Obamcare Pros and Cons
The main advantage of the Affordable Care Act is that it lowers health care costs overall by making insurance affordable for more people. That's because insurance will be extended to two uninsured groups. First, it will include many more younger people, who are healthier. This lowers costs overall because they'll pay premiums, but won't use as many services. Second, insurance will become available to people who now use expensive hospital emergency room treatments instead of going to a primary care physician. This lowers costs because they will have their conditions treated before the expensive critical stage.
Another advantage is it provides insurance more fairly. Prior to the Act, only people who fell into one of four categories could get affordable health care:
- Those who work for a company that provides it.

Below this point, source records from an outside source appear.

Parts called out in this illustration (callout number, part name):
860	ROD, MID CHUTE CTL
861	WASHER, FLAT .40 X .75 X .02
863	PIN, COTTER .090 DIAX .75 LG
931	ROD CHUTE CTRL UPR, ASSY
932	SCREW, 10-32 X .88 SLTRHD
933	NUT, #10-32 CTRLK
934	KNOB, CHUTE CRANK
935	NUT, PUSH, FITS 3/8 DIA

- Those who can afford to pay on their own and who have no pre-existing conditions.
- The very poor, who have Medicaid.
- Those who are 65 and older, who have Medicare.

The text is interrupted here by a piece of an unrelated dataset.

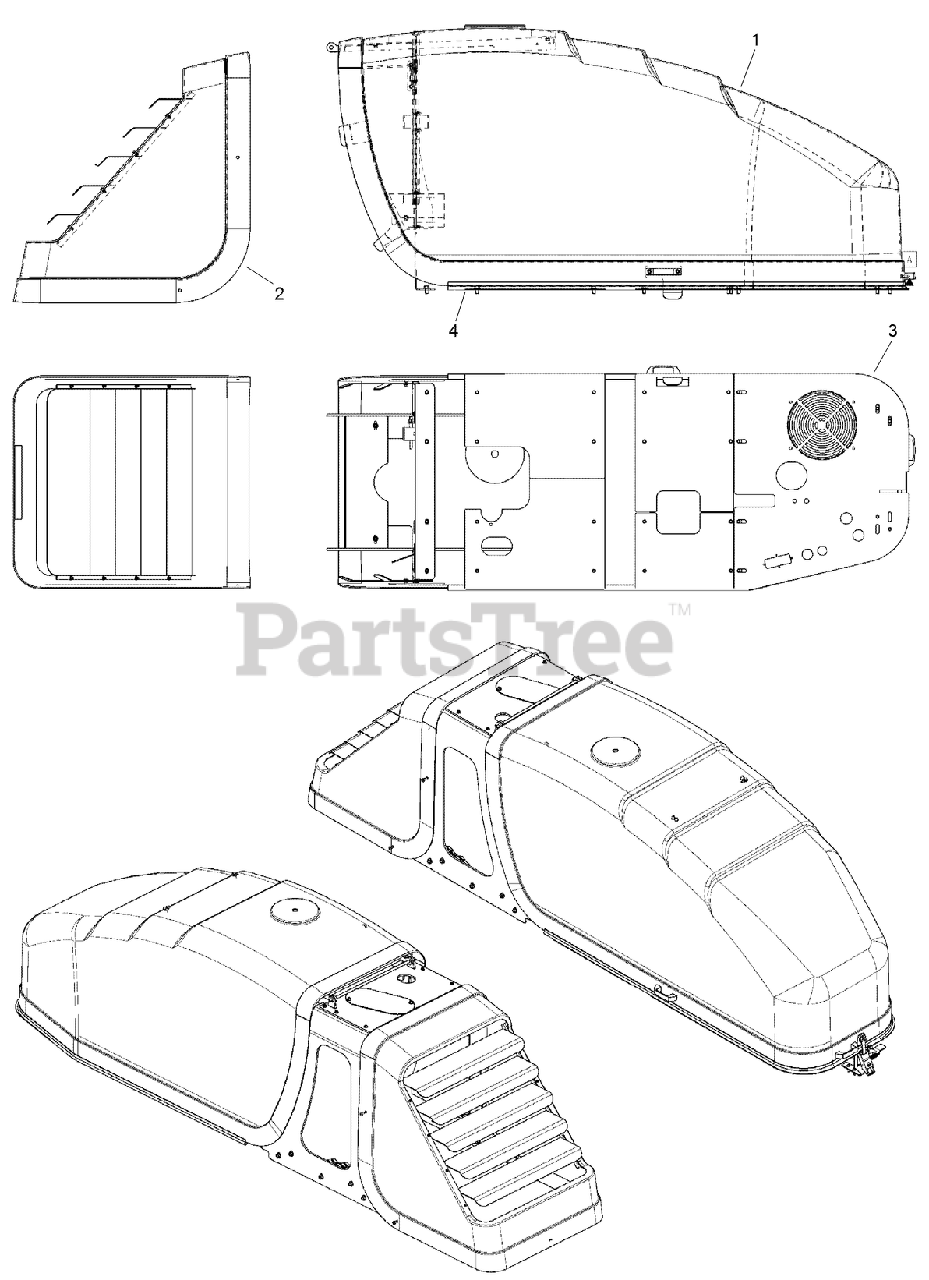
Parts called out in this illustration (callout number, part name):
1	FRONT HOOD ASM
2	REAR HOOD ASM
3	WELDMENT - Seal Plates
4	BULB SEAL - 3805 mm Cut Length

If you don't fall into one of those categories, you are forced to pay for health care out of your pocket. If you can't afford it, either the hospital must pick up the cost, or you must declare bankruptcy. The U.S. system was set up this way in the 1940s when the Federal government gave tax breaks to companies who provided health insurance for their employees.
The main disadvantage is that the Act could increase health care costs over the short term. That's because many people will receive preventive care for the first time in their lives. This could lead to treatment of heretofore undiagnosed illnesses, driving up costs. (Source: CBO, 2009 Study on Preventive Health Care, August 7, 2009)
Most of the disadvantages are accruing to those individuals and businesses that are paying higher taxes. In addition, somewhere between 3-5 million workers could lose their existing, company-sponsored health insurance if their company finds it more cost-effective to let them buy it on their own and pay the penalty. For details, see Obamacare Pros and Cons.
The cost of Obamacare has been listed as both a pro and a con. That's because the calculation depends on the assumptions used. Estimates ranging from $1.76 trillion added to the debt down to $143 billion subtracted from the debt are all correct (in their own way). Find out how in Cost of Obamacare. Article updated April 16, 2014.